We close most fix-and-flip loans in seven to ten business days from signed term sheet. For straightforward purchases with clear title and a detailed renovation budget, five-day closes are possible. We issue term sheets within twenty-four hours of receiving a purchase contract and renovation scope. Our appraisal network is familiar with San Francisco's micro-market pricing, and we do not require full MAI appraisals on properties under $2 million — a broker price opinion with comps is sufficient for expedited underwriting.

Will you lend on a soft-story building that has not completed the mandatory seismic retrofit?

Yes, with the retrofit cost fully budgeted. San Francisco's Soft Story Mandatory Retrofit Ordinance requires seismic work on qualifying wood-frame multi-unit buildings, and we treat that retrofit scope as a renovation draw line item. We have financed numerous pre-retrofit soft-story buildings in the Marina, Tenderloin, and Richmond. The retrofit engineering and construction costs — typically $50,000–$150,000 depending on unit count and structural conditions — are included in the renovation holdback and disbursed after the city's retrofit compliance inspection.

What happens if my project gets stuck in Discretionary Review at SF Planning?

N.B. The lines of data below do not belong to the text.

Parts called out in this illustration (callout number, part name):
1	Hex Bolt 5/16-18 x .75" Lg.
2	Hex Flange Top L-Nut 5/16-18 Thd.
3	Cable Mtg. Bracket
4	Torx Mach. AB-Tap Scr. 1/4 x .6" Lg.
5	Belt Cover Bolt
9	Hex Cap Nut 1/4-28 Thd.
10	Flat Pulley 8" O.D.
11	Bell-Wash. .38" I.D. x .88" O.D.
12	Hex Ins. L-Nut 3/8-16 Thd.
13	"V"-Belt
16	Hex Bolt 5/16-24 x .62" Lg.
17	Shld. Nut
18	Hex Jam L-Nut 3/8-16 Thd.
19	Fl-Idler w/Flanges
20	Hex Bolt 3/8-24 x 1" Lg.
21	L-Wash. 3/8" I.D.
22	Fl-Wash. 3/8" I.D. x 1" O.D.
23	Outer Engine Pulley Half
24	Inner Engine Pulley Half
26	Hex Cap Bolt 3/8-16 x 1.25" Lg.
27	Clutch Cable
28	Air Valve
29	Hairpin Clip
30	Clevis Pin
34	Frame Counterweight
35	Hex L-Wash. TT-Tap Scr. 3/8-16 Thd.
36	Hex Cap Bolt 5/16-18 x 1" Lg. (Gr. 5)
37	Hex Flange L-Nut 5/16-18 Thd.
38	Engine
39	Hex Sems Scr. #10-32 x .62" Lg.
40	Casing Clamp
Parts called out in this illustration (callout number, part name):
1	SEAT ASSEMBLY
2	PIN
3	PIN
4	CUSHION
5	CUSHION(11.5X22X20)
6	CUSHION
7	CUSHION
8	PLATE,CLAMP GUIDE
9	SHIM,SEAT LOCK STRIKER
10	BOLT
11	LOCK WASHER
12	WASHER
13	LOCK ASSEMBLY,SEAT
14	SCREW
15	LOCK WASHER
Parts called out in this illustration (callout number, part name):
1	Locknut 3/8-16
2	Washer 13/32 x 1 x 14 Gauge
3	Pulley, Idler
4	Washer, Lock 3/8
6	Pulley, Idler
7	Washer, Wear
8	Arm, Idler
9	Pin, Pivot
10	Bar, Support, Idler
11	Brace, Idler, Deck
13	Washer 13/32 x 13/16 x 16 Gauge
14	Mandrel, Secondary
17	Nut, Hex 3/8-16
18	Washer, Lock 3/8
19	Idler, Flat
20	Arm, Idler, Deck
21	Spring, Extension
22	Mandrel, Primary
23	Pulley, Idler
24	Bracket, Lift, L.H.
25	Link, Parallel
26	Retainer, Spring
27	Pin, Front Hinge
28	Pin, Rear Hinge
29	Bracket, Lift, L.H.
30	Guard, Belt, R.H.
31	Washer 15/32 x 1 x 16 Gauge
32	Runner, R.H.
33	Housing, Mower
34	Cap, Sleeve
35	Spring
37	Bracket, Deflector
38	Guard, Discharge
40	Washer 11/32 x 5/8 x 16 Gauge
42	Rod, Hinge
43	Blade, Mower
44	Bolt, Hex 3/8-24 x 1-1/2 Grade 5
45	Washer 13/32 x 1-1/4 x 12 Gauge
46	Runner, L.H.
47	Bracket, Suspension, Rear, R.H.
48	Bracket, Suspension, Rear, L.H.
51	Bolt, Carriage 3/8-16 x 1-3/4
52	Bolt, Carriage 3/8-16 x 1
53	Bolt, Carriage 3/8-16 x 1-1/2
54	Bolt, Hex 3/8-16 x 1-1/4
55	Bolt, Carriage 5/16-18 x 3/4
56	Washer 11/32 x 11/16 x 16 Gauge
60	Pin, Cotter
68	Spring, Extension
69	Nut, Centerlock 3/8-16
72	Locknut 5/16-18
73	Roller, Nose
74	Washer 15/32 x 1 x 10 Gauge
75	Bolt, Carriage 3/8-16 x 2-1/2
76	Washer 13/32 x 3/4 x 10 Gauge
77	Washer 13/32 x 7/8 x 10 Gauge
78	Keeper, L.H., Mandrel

We build DR-delay protection into every loan. Our standard fix-and-flip term includes one six-month extension at a disclosed flat fee. If a Section 311 neighbor notification triggers a DR hearing that delays permit issuance, you request the extension in writing with documentation of permit status, and we grant it without renegotiating rate or loan balance. Investors dealing with the city's fourteen- to twenty-four-month DR timelines use our extension structure as a hedge against political delay.

Do you lend to LLCs and family trust entities?

Yes, we lend to single-purpose LLCs, multi-member LLCs, California revocable trusts, Delaware statutory trusts, and other entity structures with a personal guarantee from the controlling party. Tech-wealth investors and family-office borrowers who hold assets in trust for estate planning purposes close with us routinely. We need the entity formation documents, operating agreement or trust instrument, and authorization to borrow — typically a twenty-four-hour documentation process.

How do you handle the renovation draw process for an ADU addition in San Francisco?

ADU addition draws follow the same milestone-inspection model as standard renovation draws. We typically structure four to five draws for an ADU project: foundation/framing inspection, rough mechanical and electrical, insulation and drywall, and finishes plus final inspection by the SF Department of Building Inspection. Funds are disbursed within two to three business days of inspection verification. For attic-conversion JADUs under AB-2221, we treat the city's pre-application meeting as an initial draw milestone to confirm permit eligibility before releasing substantial renovation funds.